Can my spouse use our settlement discussions against me in court?


There's a general legal rule that says if you're trying to reach a settlement with someone else in a legal dispute that your communications can't be used against you in court. This rule is called settlement privilege. Any communications that can't be used as evidence in court under this rule are privileged (can't be used against you in court).

This rule is an exception to normal evidence rules and is based on the idea that people will speak more freely and be more likely to reach agreements if they don't have to worry about having what they say in settlement negotiations used against them later on.

When are communications privileged?

There's a two-part test you can use to figure out if your communications are privileged:

  1. There must be a dispute that could be the subject of a court case between the two people.
    This doesn't mean that a court case must have started. Many people reach settlements without ever starting a court case. This test applies to all disputes between separating couples about parenting, support, and property/debt division.
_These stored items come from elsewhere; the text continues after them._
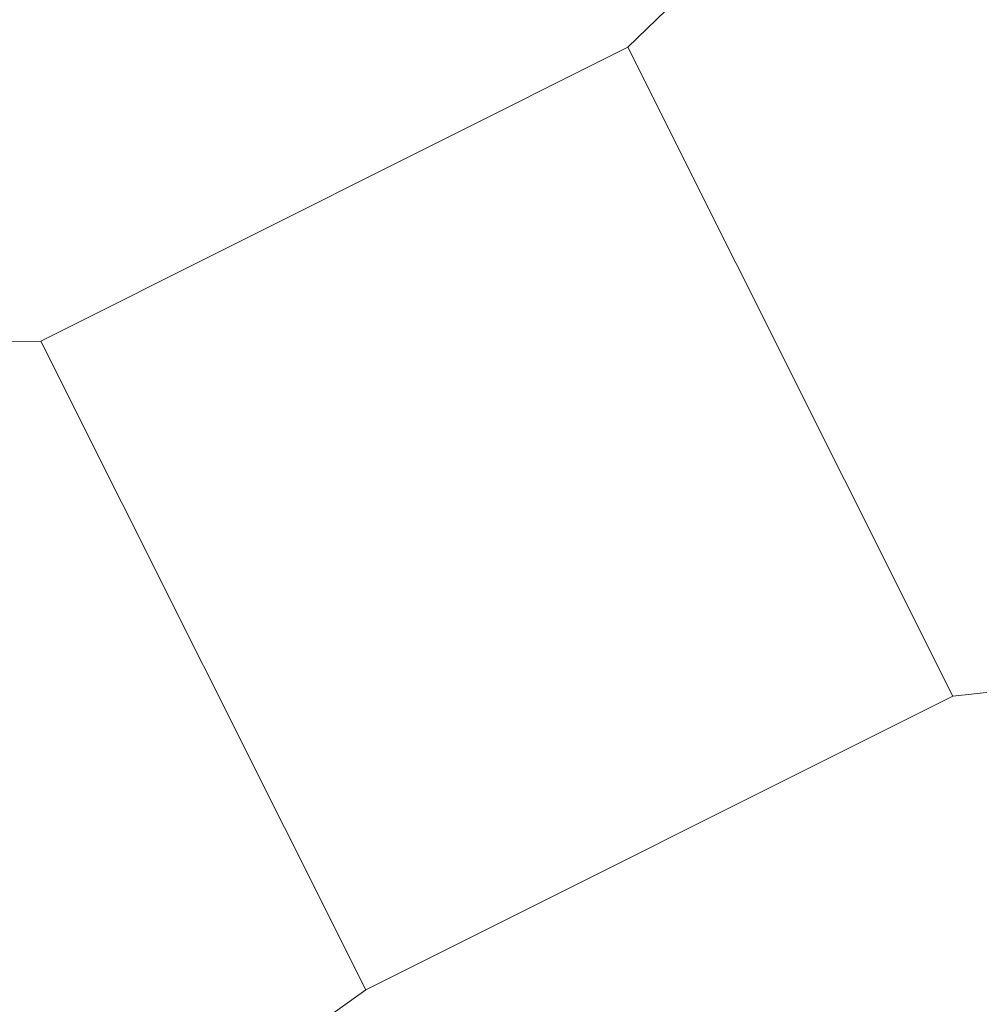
# Model space of a CAD drawing. Header units: metres. Extents: x 7472034 to 8439876, y 5890181 to 5961460.
# Tile 77 of 202: x 8439500.4384 to 8439500.4881, y 5890391.2731 to 5890391.3241. Entities that reach past the tile are written whole.
import ezdxf

# ---------------------------------------------------------------- set-up
doc = ezdxf.new("R2010")
doc.units = ezdxf.units.M
doc.header["$MEASUREMENT"] = 0
doc.linetypes.add('ACAD_ISO03W100', pattern=[30, 12, -18])
doc.layers.get('0').update_dxf_attribs({"linetype": 'CONTINUOUS', "lineweight": 5})
doc.layers.get('Defpoints').update_dxf_attribs({"linetype": 'CONTINUOUS'})
for name, color, linetype, lineweight in [('### Krawężnik', 6, 'CONTINUOUS', 35), ('_a_widok', 7, 'CONTINUOUS', 5), ('KOLOR-OBIEKT', 21, 'CONTINUOUS', 13), ('T_strefa-8', 20, 'ACAD_ISO03W100', 50), ('ZAG-obrys 018 wymiary', 7, 'CONTINUOUS', 18), ('ZAG-OBRYS013', 7, 'CONTINUOUS', 13)]:
    doc.layers.add(name, color=color, linetype=linetype, lineweight=lineweight)
doc.layers.add('100_rzut_wym_wew', color=7, linetype='CONTINUOUS')
doc.layers.add('2D - Ogólne', color=7, linetype='CONTINUOUS')
doc.layers.add('_IS_NO', color=11, linetype='CONTINUOUS', lineweight=20, plot=False)
doc.styles.add('DIM', font='simplex.shx', dxfattribs={"width": 0.8})
doc.styles.add('RS', font='Romans.shx', dxfattribs={"width": 0.7})
doc.dimstyles.new('DIM-WEW_500', dxfattribs={"dimscale": 5, "dimtxt": 18, "dimasz": 10, "dimexe": 4, "dimexo": 8, "dimgap": 5, "dimtad": 1, "dimlfac": 0.01, "dimzin": 9, "dimdsep": 46, "dimtxsty": 'DIM', "dimblk": 'ARCHTICK', "dimcen": 5, "dimclrt": 112, "dimadec": 4, "dimazin": 2, "dimtfac": 4, "dimtmove": 0, "dimatfit": 3, "dimldrblk": 'ARCHTICK', "dimfxl": 0, "dimtolj": 1, "dimlwd": 13, "dimarcsym": 0})
pattern_1 = [(45, (967499.202946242, -71042.94610979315), (-0.2245064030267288, 0.2245064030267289), []), (135, (967499.202946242, -71042.94610979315), (-0.2245064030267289, -0.2245064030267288), [])]
pattern_2 = [(45, (967499.2092647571, -71042.97165620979), (-0.2245064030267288, 0.2245064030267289), []), (135, (967499.2092647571, -71042.97165620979), (-0.2245064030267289, -0.2245064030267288), [])]

# ---------------------------------------------------------------- blocks, each defined once
blk = doc.blocks.new('A$C7D7B3C0A')
at = {"layer": '2D - Ogólne', "lineweight": 5}
for p, q in [((3.993194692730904, 6.554158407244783), (3.993194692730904, 6.588158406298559)), ((3.993194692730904, 6.588158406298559), (4.030791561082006, 6.588158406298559)), ((3.993194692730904, 6.554158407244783), (3.993194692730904, 6.588158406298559)), ((3.993194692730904, 6.588158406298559), (4.030791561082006, 6.588158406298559)), ((3.993194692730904, 6.554158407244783), (3.993194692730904, 6.588158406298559)), ((3.993194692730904, 6.588158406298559), (4.030791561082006, 6.588158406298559)), ((3.993194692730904, 6.554158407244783), (3.993194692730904, 6.588158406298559)), ((3.993194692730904, 6.588158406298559), (4.030791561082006, 6.588158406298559)), ((3.993194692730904, 6.554158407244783), (3.993194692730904, 6.588158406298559)), ((3.993194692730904, 6.588158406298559), (4.030791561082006, 6.588158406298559)), ((3.993194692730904, 6.554158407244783), (3.993194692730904, 6.588158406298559)), ((3.993194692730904, 6.588158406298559), (4.030791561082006, 6.588158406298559)), ((3.993194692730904, 6.554158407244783), (3.993194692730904, 6.588158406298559)), ((3.993194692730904, 6.588158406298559), (4.030791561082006, 6.588158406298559)), ((3.993194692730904, 6.554158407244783), (3.993194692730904, 6.588158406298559)), ((3.993194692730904, 6.588158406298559), (4.030791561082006, 6.588158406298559)), ((3.993194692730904, 6.554158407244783), (3.993194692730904, 6.588158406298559)), ((3.993194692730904, 6.588158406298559), (4.030791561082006, 6.588158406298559)), ((3.993194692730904, 6.554158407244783), (3.993194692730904, 6.588158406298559)), ((3.993194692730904, 6.588158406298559), (4.030791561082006, 6.588158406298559)), ((3.993194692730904, 6.554158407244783), (3.993194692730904, 6.588158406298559)), ((3.993194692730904, 6.588158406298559), (4.030791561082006, 6.588158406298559)), ((4.030791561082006, 6.588158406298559), (4.030791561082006, 6.55415840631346)), ((4.030791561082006, 6.588158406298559), (4.030791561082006, 6.55415840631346)), ((4.030791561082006, 6.588158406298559), (4.030791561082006, 6.55415840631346)), ((4.030791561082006, 6.588158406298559), (4.030791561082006, 6.55415840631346)), ((4.030791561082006, 6.588158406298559), (4.030791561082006, 6.55415840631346)), ((4.030791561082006, 6.588158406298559), (4.030791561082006, 6.55415840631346)), ((4.030791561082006, 6.588158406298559), (4.030791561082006, 6.55415840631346)), ((4.030791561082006, 6.588158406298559), (4.030791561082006, 6.55415840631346)), ((4.030791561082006, 6.588158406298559), (4.030791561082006, 6.55415840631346)), ((4.030791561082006, 6.588158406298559), (4.030791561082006, 6.55415840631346)), ((4.030791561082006, 6.588158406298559), (4.030791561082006, 6.55415840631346)), ((4.030791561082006, 6.55415840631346), (3.993194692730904, 6.554158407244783)), ((4.030791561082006, 6.55415840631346), (3.993194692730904, 6.554158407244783)), ((4.030791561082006, 6.55415840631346), (3.993194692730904, 6.554158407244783)), ((4.030791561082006, 6.55415840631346), (3.993194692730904, 6.554158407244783)), ((4.030791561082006, 6.55415840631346), (3.993194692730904, 6.554158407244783)), ((4.030791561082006, 6.55415840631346), (3.993194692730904, 6.554158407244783)), ((4.030791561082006, 6.55415840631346), (3.993194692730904, 6.554158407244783)), ((4.030791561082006, 6.55415840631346), (3.993194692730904, 6.554158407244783)), ((4.030791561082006, 6.55415840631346), (3.993194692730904, 6.554158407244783)), ((4.030791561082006, 6.55415840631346), (3.993194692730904, 6.554158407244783)), ((4.030791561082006, 6.55415840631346), (3.993194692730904, 6.554158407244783))]:
    blk.add_line(p, q, dxfattribs=at)
for points in [[(3.975662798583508, 6.607434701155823), (3.990087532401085, 6.5980188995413), (3.993194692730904, 6.588158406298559)], [(3.975662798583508, 6.607434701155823), (3.990087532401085, 6.5980188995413), (3.993194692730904, 6.588158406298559)], [(3.975662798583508, 6.607434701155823), (3.990087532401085, 6.5980188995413), (3.993194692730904, 6.588158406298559)], [(3.975662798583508, 6.607434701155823), (3.990087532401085, 6.5980188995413), (3.993194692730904, 6.588158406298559)], [(3.975662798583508, 6.607434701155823), (3.990087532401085, 6.5980188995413), (3.993194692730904, 6.588158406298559)], [(3.975662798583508, 6.607434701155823), (3.990087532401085, 6.5980188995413), (3.993194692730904, 6.588158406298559)], [(3.975662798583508, 6.607434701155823), (3.990087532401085, 6.5980188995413), (3.993194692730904, 6.588158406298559)], [(3.975662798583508, 6.607434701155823), (3.990087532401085, 6.5980188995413), (3.993194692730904, 6.588158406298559)], [(3.975662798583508, 6.607434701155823), (3.990087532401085, 6.5980188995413), (3.993194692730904, 6.588158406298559)], [(3.975662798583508, 6.607434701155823), (3.990087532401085, 6.5980188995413), (3.993194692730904, 6.588158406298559)], [(3.975662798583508, 6.607434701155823), (3.990087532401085, 6.5980188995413), (3.993194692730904, 6.588158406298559)], [(4.030791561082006, 6.588158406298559), (4.036043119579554, 6.602300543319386), (4.041108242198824, 6.606265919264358)], [(4.030791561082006, 6.588158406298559), (4.036043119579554, 6.602300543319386), (4.041108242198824, 6.606265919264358)], [(4.030791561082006, 6.588158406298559), (4.036043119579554, 6.602300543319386), (4.041108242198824, 6.606265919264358)], [(4.030791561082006, 6.588158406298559), (4.036043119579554, 6.602300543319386), (4.041108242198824, 6.606265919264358)], [(4.030791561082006, 6.588158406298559), (4.036043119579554, 6.602300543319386), (4.041108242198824, 6.606265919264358)], [(4.030791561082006, 6.588158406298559), (4.036043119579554, 6.602300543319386), (4.041108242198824, 6.606265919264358)], [(4.030791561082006, 6.588158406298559), (4.036043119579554, 6.602300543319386), (4.041108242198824, 6.606265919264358)], [(4.030791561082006, 6.588158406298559), (4.036043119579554, 6.602300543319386), (4.041108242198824, 6.606265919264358)], [(4.030791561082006, 6.588158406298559), (4.036043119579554, 6.602300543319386), (4.041108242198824, 6.606265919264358)], [(4.030791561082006, 6.588158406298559), (4.036043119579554, 6.602300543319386), (4.041108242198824, 6.606265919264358)], [(4.030791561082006, 6.588158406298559), (4.036043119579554, 6.602300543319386), (4.041108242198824, 6.606265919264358)], [(3.993194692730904, 6.554158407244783), (3.986193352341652, 6.540016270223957), (3.975662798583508, 6.534882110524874)], [(3.993194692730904, 6.554158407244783), (3.986193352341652, 6.540016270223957), (3.975662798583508, 6.534882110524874)], [(3.993194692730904, 6.554158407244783), (3.986193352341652, 6.540016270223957), (3.975662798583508, 6.534882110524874)], [(3.993194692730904, 6.554158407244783), (3.986193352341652, 6.540016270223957), (3.975662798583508, 6.534882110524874)], [(3.993194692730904, 6.554158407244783), (3.986193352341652, 6.540016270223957), (3.975662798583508, 6.534882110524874)], [(3.993194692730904, 6.554158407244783), (3.986193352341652, 6.540016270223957), (3.975662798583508, 6.534882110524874)], [(3.993194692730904, 6.554158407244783), (3.986193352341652, 6.540016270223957), (3.975662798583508, 6.534882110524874)], [(3.993194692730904, 6.554158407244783), (3.986193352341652, 6.540016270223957), (3.975662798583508, 6.534882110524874)], [(3.993194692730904, 6.554158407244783), (3.986193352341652, 6.540016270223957), (3.975662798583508, 6.534882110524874)], [(3.993194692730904, 6.554158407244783), (3.986193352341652, 6.540016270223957), (3.975662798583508, 6.534882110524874)], [(3.993194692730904, 6.554158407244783), (3.986193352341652, 6.540016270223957), (3.975662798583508, 6.534882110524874)], [(4.041108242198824, 6.536050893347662), (4.031859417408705, 6.547359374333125), (4.030791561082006, 6.55415840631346)], [(4.041108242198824, 6.536050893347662), (4.031859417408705, 6.547359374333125), (4.030791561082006, 6.55415840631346)], [(4.041108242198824, 6.536050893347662), (4.031859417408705, 6.547359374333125), (4.030791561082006, 6.55415840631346)], [(4.041108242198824, 6.536050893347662), (4.031859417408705, 6.547359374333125), (4.030791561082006, 6.55415840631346)], [(4.041108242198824, 6.536050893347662), (4.031859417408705, 6.547359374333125), (4.030791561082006, 6.55415840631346)], [(4.041108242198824, 6.536050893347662), (4.031859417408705, 6.547359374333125), (4.030791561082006, 6.55415840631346)], [(4.041108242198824, 6.536050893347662), (4.031859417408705, 6.547359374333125), (4.030791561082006, 6.55415840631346)], [(4.041108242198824, 6.536050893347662), (4.031859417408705, 6.547359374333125), (4.030791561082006, 6.55415840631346)], [(4.041108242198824, 6.536050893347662), (4.031859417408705, 6.547359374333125), (4.030791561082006, 6.55415840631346)], [(4.041108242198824, 6.536050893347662), (4.031859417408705, 6.547359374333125), (4.030791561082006, 6.55415840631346)], [(4.041108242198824, 6.536050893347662), (4.031859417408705, 6.547359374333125), (4.030791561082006, 6.55415840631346)]]:
    blk.add_lwpolyline(points, dxfattribs=at)
blk = doc.blocks.new('_Oblique')
at = {"color": 0, "linetype": 'ByBlock', "lineweight": -2}
blk.add_line((-0.5, -0.5), (0.5, 0.5), dxfattribs=at)
blk = doc.blocks.new('*D76')
at = {"layer": 'Defpoints', "color": 0, "linetype": 'Continuous', "lineweight": 60}
for p in [(8439504.5437122, 5890392.911758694), (8439500.275404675, 5890390.769413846), (8439503.451551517, 5890385.091044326)]:
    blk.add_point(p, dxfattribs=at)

  2. The purpose of the communication must be to try and reach a settlement.
    This includes any invitation to start negotiation or settlement discussions, and all the communications made in the course of those discussions.

What kinds of communications does this apply to?

This applies to any kind of communication that meets the two-part test above. This could include spoken communication (for example, in-person or phone conversations), letters, emails, texts, and documents shared with the other party).

What about mediation or collaborative law discussions?

Communications made during mediation fall under settlement privilege. This includes mediations done with either private mediators or family justice counsellors. All discussions and information exchanged in a collaborative family law process are also covered by settlement privilege, since the main purpose of this process is to reach a settlement.

What does "Without Prejudice" mean?

Lawyers often put the words "Without Prejudice" at the top of a letter or email sent during settlement negotiations. This term is a clear signal that:

  • the information is meant for reaching a settlement, and
  • the sender does not intend for it to be introduced into evidence in a court.

However, just putting the words "Without Prejudice" on a document does not create settlement privilege. The document still has to meet both tests for settlement privilege. If the document doesn't include the words "Without Prejudice," but it does meet both tests, it's covered by settlement privilege.

Exceptions to settlement privilege

There are a few family law situations where settlement privilege won't be applied:

  • If one party says there's an agreement but the other party says there isn't.
  • If both parties to an agreement can't agree about what the agreement means.
  • If the communication contains a threat.
  • If one party committed fraud to get a settlement.
  • If the communications are criminal or show an intention to commit criminal acts.

Can you give up privilege?

If both parties involved in the dispute give up (waive) their privilege, the communications could be used as evidence. But you can only waive your own privilege, not the other party's. You could waive your own privilege indirectly by, for example, referring to the privileged communication in your affidavits. The other party could then object to your affidavit and keep it out of evidence.(Similarly, you can object if the other party tries to put privileged communication into their affidavits.)